Consulting the Planetary Expert: You
... The word planets comes from the Greek word for wanderer. Stars move very slowly in the sky relative to other stars but Planets change their position quite quickly relative to stars. Outer planets (Mars, Jupiter, Saturn, Uranus, Neptune) also display retrograde motion. Planets move eastward in the ni ...
... The word planets comes from the Greek word for wanderer. Stars move very slowly in the sky relative to other stars but Planets change their position quite quickly relative to stars. Outer planets (Mars, Jupiter, Saturn, Uranus, Neptune) also display retrograde motion. Planets move eastward in the ni ...

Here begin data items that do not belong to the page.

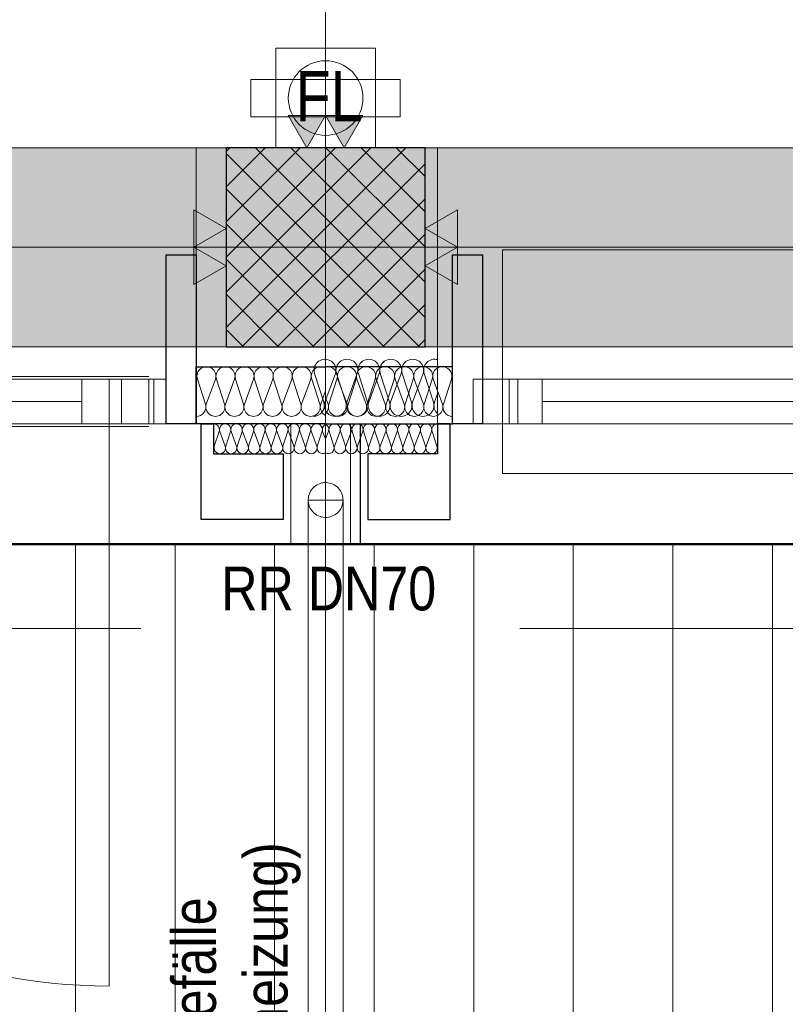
# Model space of a CAD drawing. Extents: x -620 to 300, y 62 to 1107.
# Tile 32 of 109: x -138 to -107, y 345 to 385. Entities that reach past the tile are written whole.
import ezdxf
from ezdxf.lldxf.tags import DXFTag

# ---------------------------------------------------------------- set-up
doc = ezdxf.new("R2010")
doc.units = 0
doc.layers.get('0').update_dxf_attribs({"lineweight": 35})
for name, color, linetype, lineweight, true_color in [('30 -33 Aussenwände- 3 Aussenstützen', 7, 'Continuous', 50, 0x0000dd), ('30 -33 Aussenwände- 7 Fassade_ Elemente', 7, 'Continuous', 9, 0x00aacc), ('30 -35 Decken- 1 Konstruktion-Träger- Stahlbeton', 7, 'grob-A06G9G5Q8I', 13, 0x33aa00), ('40 -41 Abwasser_Wasser_Gas- 1 Abwasser + sanitäre Anlagen', 7, 'Continuous', 9, 0xff6633), ('40 -47 Nutzungspez. Anlagen- 4 Feuerlöschanlagen', 7, 'Continuous', 9, 0xff7fff), ('70 -72 Beschriftung- 1 Beschriftung allgemein', 7, 'Continuous', 9, 0xff6633), ('70 -72 Beschriftung- 2 Beschriftung Bauteile', 7, 'Continuous', 9, 0x9999ff), ('70 -75 Raumstempel- 1 Raumstempel', 1, 'Continuous', 50, 0xff0000)]:
    doc.layers.add(name, color=color, linetype=linetype, lineweight=lineweight, true_color=true_color)
for name, color, linetype, lineweight in [('40 -41 Abwasser_Wasser_Gas- 2 Wasser-1', 7, 'Continuous', 15), ('60- 61 allgemeine Ausstattung- 4 Terrassen', 7, 'Continuous', 9), ('70 -71 Achsen- 1 Gebäudeachsen', 7, 'STRICHPUNKT2-A06G9G5P8I', 18)]:
    doc.layers.add(name, color=color, linetype=linetype, lineweight=lineweight)
doc.layers.add('iwb_Schraffur_Unterzug', color=7, linetype='Continuous', lineweight=5, true_color=0xffffcc, plot=False)
doc.styles.get("Standard").update_dxf_attribs({"font": 'ARIALN.TTF'})
tags = doc.linetypes.add('grob-A06G9G5Q8I', pattern=[14, 3, -8, 3]).pattern_tags.tags
tags[8:9] = [DXFTag(74, 4), DXFTag(75, 0), DXFTag(340, '0'), DXFTag(46, 0.0), DXFTag(50, 0.0), DXFTag(44, 0.0), DXFTag(45, 0.0)]
tags[6:7] = [DXFTag(74, 4), DXFTag(75, 0), DXFTag(340, '0'), DXFTag(46, 0.0), DXFTag(50, 0.0), DXFTag(44, 0.0), DXFTag(45, 0.0)]
tags[4:5] = [DXFTag(74, 4), DXFTag(75, 0), DXFTag(340, '0'), DXFTag(46, 0.0), DXFTag(50, 0.0), DXFTag(44, 0.0), DXFTag(45, 0.0)]
tags = doc.linetypes.add('STRICHPUNKT2-A06G9G5P8I', pattern=[12.7, 6.35, -3.175, 0, -3.175]).pattern_tags.tags
tags[10:11] = [DXFTag(74, 4), DXFTag(75, 0), DXFTag(340, '0'), DXFTag(46, 0.0), DXFTag(50, 0.0), DXFTag(44, 0.0), DXFTag(45, 0.0)]
tags[8:9] = [DXFTag(74, 4), DXFTag(75, 0), DXFTag(340, '0'), DXFTag(46, 0.0), DXFTag(50, 0.0), DXFTag(44, 0.0), DXFTag(45, 0.0)]
tags[6:7] = [DXFTag(74, 4), DXFTag(75, 0), DXFTag(340, '0'), DXFTag(46, 0.0), DXFTag(50, 0.0), DXFTag(44, 0.0), DXFTag(45, 0.0)]
tags[4:5] = [DXFTag(74, 4), DXFTag(75, 0), DXFTag(340, '0'), DXFTag(46, 0.0), DXFTag(50, 0.0), DXFTag(44, 0.0), DXFTag(45, 0.0)]

# ---------------------------------------------------------------- blocks, each defined once
blk = doc.blocks.new('Referenz-A06G9G5R8I')
at = {"layer": '30 -33 Aussenwände- 3 Aussenstützen', "color": 0, "lineweight": 9}
for p, q in [((-129.478, 379.778), (-129.325, 379.931)), ((-129.478, 378.364), (-127.911, 379.931)), ((-129.478, 376.95), (-126.497, 379.931)), ((-129.478, 375.535), (-125.082, 379.931)), ((-129.478, 374.121), (-123.668, 379.931)), ((-129.478, 372.707), (-122.254, 379.931)), ((-129.478, 379.701), (-121.709, 371.931)), ((-128.294, 379.931), (-121.478, 373.115)), ((-126.88, 379.931), (-121.478, 374.529)), ((-125.466, 379.931), (-121.478, 375.943)), ((-124.052, 379.931), (-121.478, 377.358)), ((-122.638, 379.931), (-121.478, 378.772)), ((-128.84, 371.931), (-121.478, 379.293)), ((-129.478, 378.287), (-123.123, 371.931)), ((-127.426, 371.931), (-121.478, 377.878)), ((-129.478, 376.872), (-124.537, 371.931)), ((-125.478, 376.931), (-125.478, 374.931)), ((-126.011, 371.931), (-121.478, 376.464)), ((-126.478, 375.931), (-124.478, 375.931)), ((-129.478, 375.458), (-125.951, 371.931)), ((-124.597, 371.931), (-121.478, 375.05)), ((-129.478, 374.044), (-127.365, 371.931)), ((-123.183, 371.931), (-121.478, 373.636)), ((-129.478, 372.63), (-128.78, 371.931)), ((-121.769, 371.931), (-121.478, 372.222))]:
    blk.add_line(p, q, dxfattribs=at)
at = {"layer": '30 -33 Aussenwände- 3 Aussenstützen', "color": 0, "linetype": 'Continuous', "lineweight": -2, "ltscale": 0.25}
for p, q in [((-121.478, 379.931), (-129.478, 379.931)), ((-129.478, 379.931), (-129.478, 371.931)), ((-121.478, 371.931), (-121.478, 379.931)), ((-129.478, 371.931), (-121.478, 371.931))]:
    blk.add_line(p, q, dxfattribs=at)
at = {"layer": '30 -33 Aussenwände- 7 Fassade_ Elemente', "color": 0, "linetype": 'Continuous', "ltscale": 0.13}
for p, q in [((-130.678, 368.831), (-130.678, 379.931)), ((-120.978, 379.931), (-120.978, 368.831)), ((-125.478, 374.931), (-125.478, 376.931)), ((-126.478, 375.931), (-124.478, 375.931)), ((-156.778, 370.631), (-134.178, 370.631)), ((-134.178, 370.631), (-132.578, 370.631)), ((-134.178, 368.831), (-134.178, 370.631)), ((-132.578, 370.631), (-132.578, 368.831)), ((-130.309, 369.631), (-130.63, 370.631)), ((-129.901, 370.631), (-130.271, 369.631)), ((-129.543, 369.631), (-129.864, 370.631)), ((-129.135, 370.631), (-129.505, 369.631)), ((-128.777, 369.631), (-129.098, 370.631)), ((-128.369, 370.631), (-128.739, 369.631)), ((-128.01, 369.631), (-128.332, 370.631)), ((-127.603, 370.631), (-127.973, 369.631)), ((-127.244, 369.631), (-127.566, 370.631)), ((-126.837, 370.631), (-127.207, 369.631)), ((-126.478, 369.631), (-126.8, 370.631)), ((-126.071, 370.631), (-126.441, 369.631)), ((-125.712, 369.631), (-126.034, 370.631)), ((-125.553, 369.706), (-125.923, 370.856)), ((-125.085, 370.856), (-125.51, 369.706)), ((-125.344, 369.631), (-125.023, 370.631)), ((-124.672, 369.706), (-125.042, 370.856)), ((-124.985, 370.631), (-124.616, 369.631)), ((-124.204, 370.856), (-124.629, 369.706)), ((-124.578, 369.631), (-124.257, 370.631)), ((-124.219, 370.631), (-123.85, 369.631)), ((-123.791, 369.706), (-124.161, 370.856)), ((-123.812, 369.631), (-123.491, 370.631)), ((-123.323, 370.856), (-123.748, 369.706)), ((-123.453, 370.631), (-123.084, 369.631)), ((-122.91, 369.706), (-123.28, 370.856)), ((-123.046, 369.631), (-122.725, 370.631)), ((-122.442, 370.856), (-122.867, 369.706)), ((-122.687, 370.631), (-122.317, 369.631)), ((-122.029, 369.706), (-122.399, 370.856)), ((-122.28, 369.631), (-121.959, 370.631)), ((-121.561, 370.856), (-121.986, 369.706)), ((-121.921, 370.631), (-121.551, 369.631)), ((-121.148, 369.706), (-121.518, 370.856)), ((-121.514, 369.631), (-121.193, 370.631)), ((-121.155, 370.631), (-120.785, 369.631)), ((-120.748, 369.631), (-120.426, 370.631)), ((-118.106, 370.631), (-68.906, 370.631)), ((-118.106, 368.831), (-118.106, 370.631)), ((-125.675, 369.631), (-125.478, 370.163)), ((-125.382, 369.631), (-125.478, 369.892)), ((-121.105, 369.706), (-120.978, 370.05)), ((-134.178, 368.831), (-156.778, 368.831)), ((-132.578, 368.831), (-134.178, 368.831)), ((-126.878, 368.831), (-130.678, 368.831)), ((-126.878, 363.991), (-126.878, 368.831)), ((-125.62, 368.534), (-125.812, 367.934)), ((-125.597, 368.534), (-125.478, 368.212)), ((-125.359, 368.534), (-125.479, 368.212)), ((-125.337, 368.534), (-125.144, 367.934)), ((-124.478, 368.831), (-124.478, 363.991)), ((-120.978, 368.831), (-124.478, 368.831)), ((-68.906, 368.831), (-118.106, 368.831)), ((-129.756, 368.531), (-129.949, 367.931)), ((-129.512, 367.931), (-129.734, 368.531)), ((-129.297, 368.531), (-129.489, 367.931)), ((-129.052, 367.932), (-129.274, 368.531)), ((-128.837, 368.532), (-129.03, 367.932)), ((-128.592, 367.932), (-128.815, 368.532)), ((-128.378, 368.532), (-128.57, 367.932)), ((-128.133, 367.932), (-128.355, 368.532)), ((-127.918, 368.532), (-128.11, 367.932)), ((-127.673, 367.933), (-127.895, 368.532)), ((-127.458, 368.533), (-127.651, 367.933)), ((-127.213, 367.933), (-127.436, 368.533)), ((-126.999, 368.533), (-127.191, 367.933)), ((-126.754, 367.933), (-126.976, 368.533)), ((-126.539, 368.534), (-126.731, 367.933)), ((-126.294, 367.934), (-126.516, 368.534)), ((-126.079, 368.534), (-126.272, 367.934)), ((-125.835, 367.934), (-126.057, 368.534)), ((-125.122, 367.934), (-124.9, 368.534)), ((-124.877, 368.534), (-124.685, 367.934)), ((-124.662, 367.934), (-124.44, 368.534)), ((-124.418, 368.534), (-124.225, 367.933)), ((-124.203, 367.933), (-123.98, 368.533)), ((-123.958, 368.533), (-123.766, 367.933)), ((-123.743, 367.933), (-123.521, 368.533)), ((-123.498, 368.533), (-123.306, 367.933)), ((-123.283, 367.933), (-123.061, 368.532)), ((-123.039, 368.532), (-122.846, 367.932)), ((-122.824, 367.932), (-122.601, 368.532)), ((-122.579, 368.532), (-122.387, 367.932)), ((-122.364, 367.932), (-122.142, 368.532)), ((-122.119, 368.532), (-121.927, 367.932)), ((-121.904, 367.932), (-121.682, 368.531)), ((-121.66, 368.531), (-121.467, 367.931)), ((-121.445, 367.931), (-121.223, 368.531)), ((-121.2, 368.531), (-121.008, 367.931))]:
    blk.add_line(p, q, dxfattribs=at)
at = {"layer": '30 -33 Aussenwände- 7 Fassade_ Elemente', "color": 0}
for p, q in [((-69.978, 375.831), (-118.378, 375.831)), ((-118.378, 375.831), (-118.378, 370.631)), ((-118.378, 370.631), (-118.378, 368.831)), ((-116.778, 370.631), (-118.378, 370.631)), ((-116.778, 368.831), (-116.778, 370.631)), ((-116.778, 370.631), (-71.578, 370.631)), ((-116.778, 369.731), (-71.578, 369.731)), ((-118.378, 368.831), (-116.778, 368.831)), ((-118.378, 366.831), (-118.378, 368.831)), ((-71.578, 368.831), (-116.778, 368.831)), ((-69.978, 366.831), (-118.378, 366.831))]:
    blk.add_line(p, q, dxfattribs=at)
at = {"layer": '30 -33 Aussenwände- 7 Fassade_ Elemente', "color": 0, "linetype": 'Continuous', "lineweight": -2, "ltscale": 0.25}
for p, q in [((-131.878, 375.631), (-130.678, 375.631)), ((-131.878, 368.831), (-131.878, 375.631)), ((-130.678, 375.631), (-130.678, 368.831)), ((-120.378, 375.631), (-119.178, 375.631)), ((-120.378, 368.831), (-120.378, 375.631)), ((-119.178, 375.631), (-119.178, 368.831)), ((-130.678, 371.131), (-125.478, 371.131)), ((-130.678, 368.831), (-130.678, 371.131)), ((-120.378, 371.131), (-125.478, 371.131)), ((-120.378, 368.831), (-120.378, 371.131)), ((-130.678, 368.831), (-131.878, 368.831)), ((-125.478, 368.831), (-130.678, 368.831)), ((-130.478, 364.991), (-130.478, 368.831)), ((-130.478, 368.831), (-129.978, 368.831)), ((-129.978, 368.831), (-129.978, 367.631)), ((-125.478, 368.831), (-120.378, 368.831)), ((-124.078, 363.991), (-124.075, 368.834)), ((-120.478, 368.831), (-120.978, 368.831)), ((-120.978, 368.831), (-120.978, 367.631)), ((-120.478, 364.991), (-120.478, 368.831)), ((-119.178, 368.831), (-120.378, 368.831)), ((-129.978, 367.631), (-127.178, 367.631)), ((-127.178, 367.631), (-127.178, 364.991)), ((-120.978, 367.631), (-123.778, 367.631)), ((-123.778, 367.631), (-123.778, 364.991)), ((-127.178, 364.991), (-130.478, 364.991)), ((-123.778, 364.991), (-120.478, 364.991))]:
    blk.add_line(p, q, dxfattribs=at)
at = {"layer": '30 -33 Aussenwände- 7 Fassade_ Elemente', "color": 0, "linetype": 'Continuous', "lineweight": 18, "ltscale": 0.18}
for p, q in [((-181.178, 370.631), (-132.378, 370.631)), ((-135.278, 370.631), (-133.678, 370.631)), ((-135.278, 368.831), (-135.278, 370.631)), ((-133.678, 368.831), (-133.678, 370.631)), ((-133.678, 370.631), (-131.878, 370.631)), ((-132.378, 370.631), (-132.378, 368.831)), ((-131.878, 370.631), (-131.878, 368.831)), ((-119.552, 370.631), (-117.752, 370.631)), ((-119.552, 368.831), (-119.552, 370.631)), ((-117.752, 370.631), (-117.752, 368.831)), ((-135.278, 369.731), (-155.178, 369.731)), ((-132.378, 368.831), (-181.178, 368.831)), ((-133.678, 368.831), (-135.278, 368.831)), ((-131.878, 368.831), (-133.678, 368.831)), ((-117.752, 368.831), (-119.552, 368.831))]:
    blk.add_line(p, q, dxfattribs=at)
at = {"layer": '30 -33 Aussenwände- 7 Fassade_ Elemente', "color": 0, "linetype": 'grob-A06G9G5Q8I', "ltscale": 0.13}
for p, q in [((-180.978, 370.731), (-132.578, 370.731)), ((-180.978, 368.731), (-132.578, 368.731)), ((-134.178, 368.831), (-156.778, 368.831)), ((-134.178, 346.231), (-134.178, 368.831)), ((-289.478, 363.991), (-126.478, 363.991)), ((-124.478, 363.991), (27.582, 363.991))]:
    blk.add_line(p, q, dxfattribs=at)
at = {"layer": '30 -33 Aussenwände- 7 Fassade_ Elemente', "color": 0, "linetype": 'Continuous', "ltscale": 0.13}
for centre, major_axis, end_param in [((-125.504, 370.991), (0.419, -0.135), 3.765224), ((-124.623, 370.991), (0.419, -0.135), 3.765224), ((-123.742, 370.991), (0.419, -0.135), 3.765224), ((-122.861, 370.991), (0.419, -0.135), 3.765224), ((-122.861, 370.991), (-0.258, 0.356), 1.255075), ((-122.861, 370.991), (0.258, 0.356), 1.255075), ((-122.861, 370.991), (0.419, -0.135), 1.255075), ((-121.98, 370.991), (0.419, -0.135), 3.765224), ((-121.98, 370.991), (-0.258, 0.356), 1.255075), ((-121.98, 370.991), (0.258, 0.356), 1.255075), ((-121.98, 370.991), (0.419, -0.135), 1.255075), ((-121.099, 370.991), (0.121, 0.423), 2.160679), ((-130.266, 370.749), (0.364, -0.117), 3.765224), ((-129.5, 370.749), (0.364, -0.117), 3.765224), ((-128.734, 370.749), (0.364, -0.117), 3.765224), ((-127.968, 370.749), (0.364, -0.117), 3.765224), ((-127.202, 370.749), (0.364, -0.117), 3.765224), ((-127.202, 370.749), (-0.225, 0.31), 1.255075), ((-127.202, 370.749), (0.225, 0.31), 1.255075), ((-127.202, 370.749), (0.364, -0.117), 1.255075), ((-126.435, 370.749), (0.364, -0.117), 3.765224), ((-126.435, 370.749), (-0.225, 0.31), 1.255075), ((-126.435, 370.749), (0.225, 0.31), 1.255075), ((-126.435, 370.749), (0.364, -0.117), 1.255075), ((-125.669, 370.749), (0.191, 0.332), 2.405647), ((-125.387, 370.749), (0.364, -0.117), 2.123158), ((-124.621, 370.749), (0.364, -0.117), 3.765224), ((-124.621, 370.749), (-0.225, 0.31), 1.255075), ((-124.621, 370.749), (0.225, 0.31), 1.255075), ((-124.621, 370.749), (0.364, -0.117), 1.255075), ((-123.855, 370.749), (0.364, -0.117), 3.765224), ((-123.855, 370.749), (-0.225, 0.31), 1.255075), ((-123.855, 370.749), (0.225, 0.31), 1.255075), ((-123.855, 370.749), (0.364, -0.117), 1.255075), ((-123.089, 370.749), (0.364, -0.117), 3.765224), ((-122.323, 370.749), (0.364, -0.117), 3.765224), ((-121.557, 370.749), (0.364, -0.117), 3.765224), ((-120.791, 370.749), (0.364, -0.117), 3.765224), ((-130.673, 369.514), (-0.005, -0.383), 1.896254), ((-129.907, 369.514), (-0.364, 0.117), 3.764652), ((-129.141, 369.514), (-0.364, 0.117), 3.764652), ((-128.375, 369.514), (-0.364, 0.117), 3.764652), ((-127.609, 369.514), (-0.364, 0.117), 1.254884), ((-127.609, 369.514), (-0.364, 0.117), 3.764652), ((-127.609, 369.514), (0.225, -0.31), 1.254884), ((-126.843, 369.514), (-0.364, 0.117), 3.764652), ((-126.843, 369.514), (-0.364, 0.117), 1.254884), ((-126.843, 369.514), (0.225, -0.31), 1.254884), ((-126.077, 369.514), (-0.364, 0.117), 1.254884), ((-125.972, 369.571), (-0.006, -0.44), 1.896254), ((-126.077, 369.514), (0.225, -0.31), 1.254884), ((-125.311, 369.514), (-0.364, 0.117), 1.428714), ((-125.091, 369.571), (-0.419, 0.135), 3.764652), ((-125.746, 369.514), (0.268, -0.273), 1.107603), ((-124.98, 369.514), (-0.364, 0.117), 1.254884), ((-124.98, 369.514), (0.225, -0.31), 1.254884), ((-124.21, 369.571), (-0.419, 0.135), 3.764652), ((-124.214, 369.514), (-0.364, 0.117), 1.254884), ((-124.214, 369.514), (-0.364, 0.117), 3.764652), ((-124.214, 369.514), (0.225, -0.31), 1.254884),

Formation and evolution of the Solar System
The formation of the Solar System began 4.6 billion years ago with the gravitational collapse of a small part of a giant molecular cloud. Most of the collapsing mass collected in the center, forming the Sun, while the rest flattened into a protoplanetary disk out of which the planets, moons, asteroids, and other small Solar System bodies formed.This widely accepted model, known as the nebular hypothesis, was first developed in the 18th century by Emanuel Swedenborg, Immanuel Kant, and Pierre-Simon Laplace. Its subsequent development has interwoven a variety of scientific disciplines including astronomy, physics, geology, and planetary science. Since the dawn of the space age in the 1950s and the discovery of extrasolar planets in the 1990s, the model has been both challenged and refined to account for new observations.The Solar System has evolved considerably since its initial formation. Many moons have formed from circling discs of gas and dust around their parent planets, while other moons are thought to have formed independently and later been captured by their planets. Still others, such as the Moon, may be the result of giant collisions. Collisions between bodies have occurred continually up to the present day and have been central to the evolution of the Solar System. The positions of the planets often shifted due to gravitational interactions. This planetary migration is now thought to have been responsible for much of the Solar System's early evolution.In roughly 5 billion years, the Sun will cool and expand outward many times its current diameter (becoming a red giant), before casting off its outer layers as a planetary nebula and leaving behind a stellar remnant known as a white dwarf. In the far distant future, the gravity of passing stars will gradually reduce the Sun's retinue of planets. Some planets will be destroyed, others ejected into interstellar space. Ultimately, over the course of tens of billions of years, it is likely that the Sun will be left with none of the original bodies in orbit around it.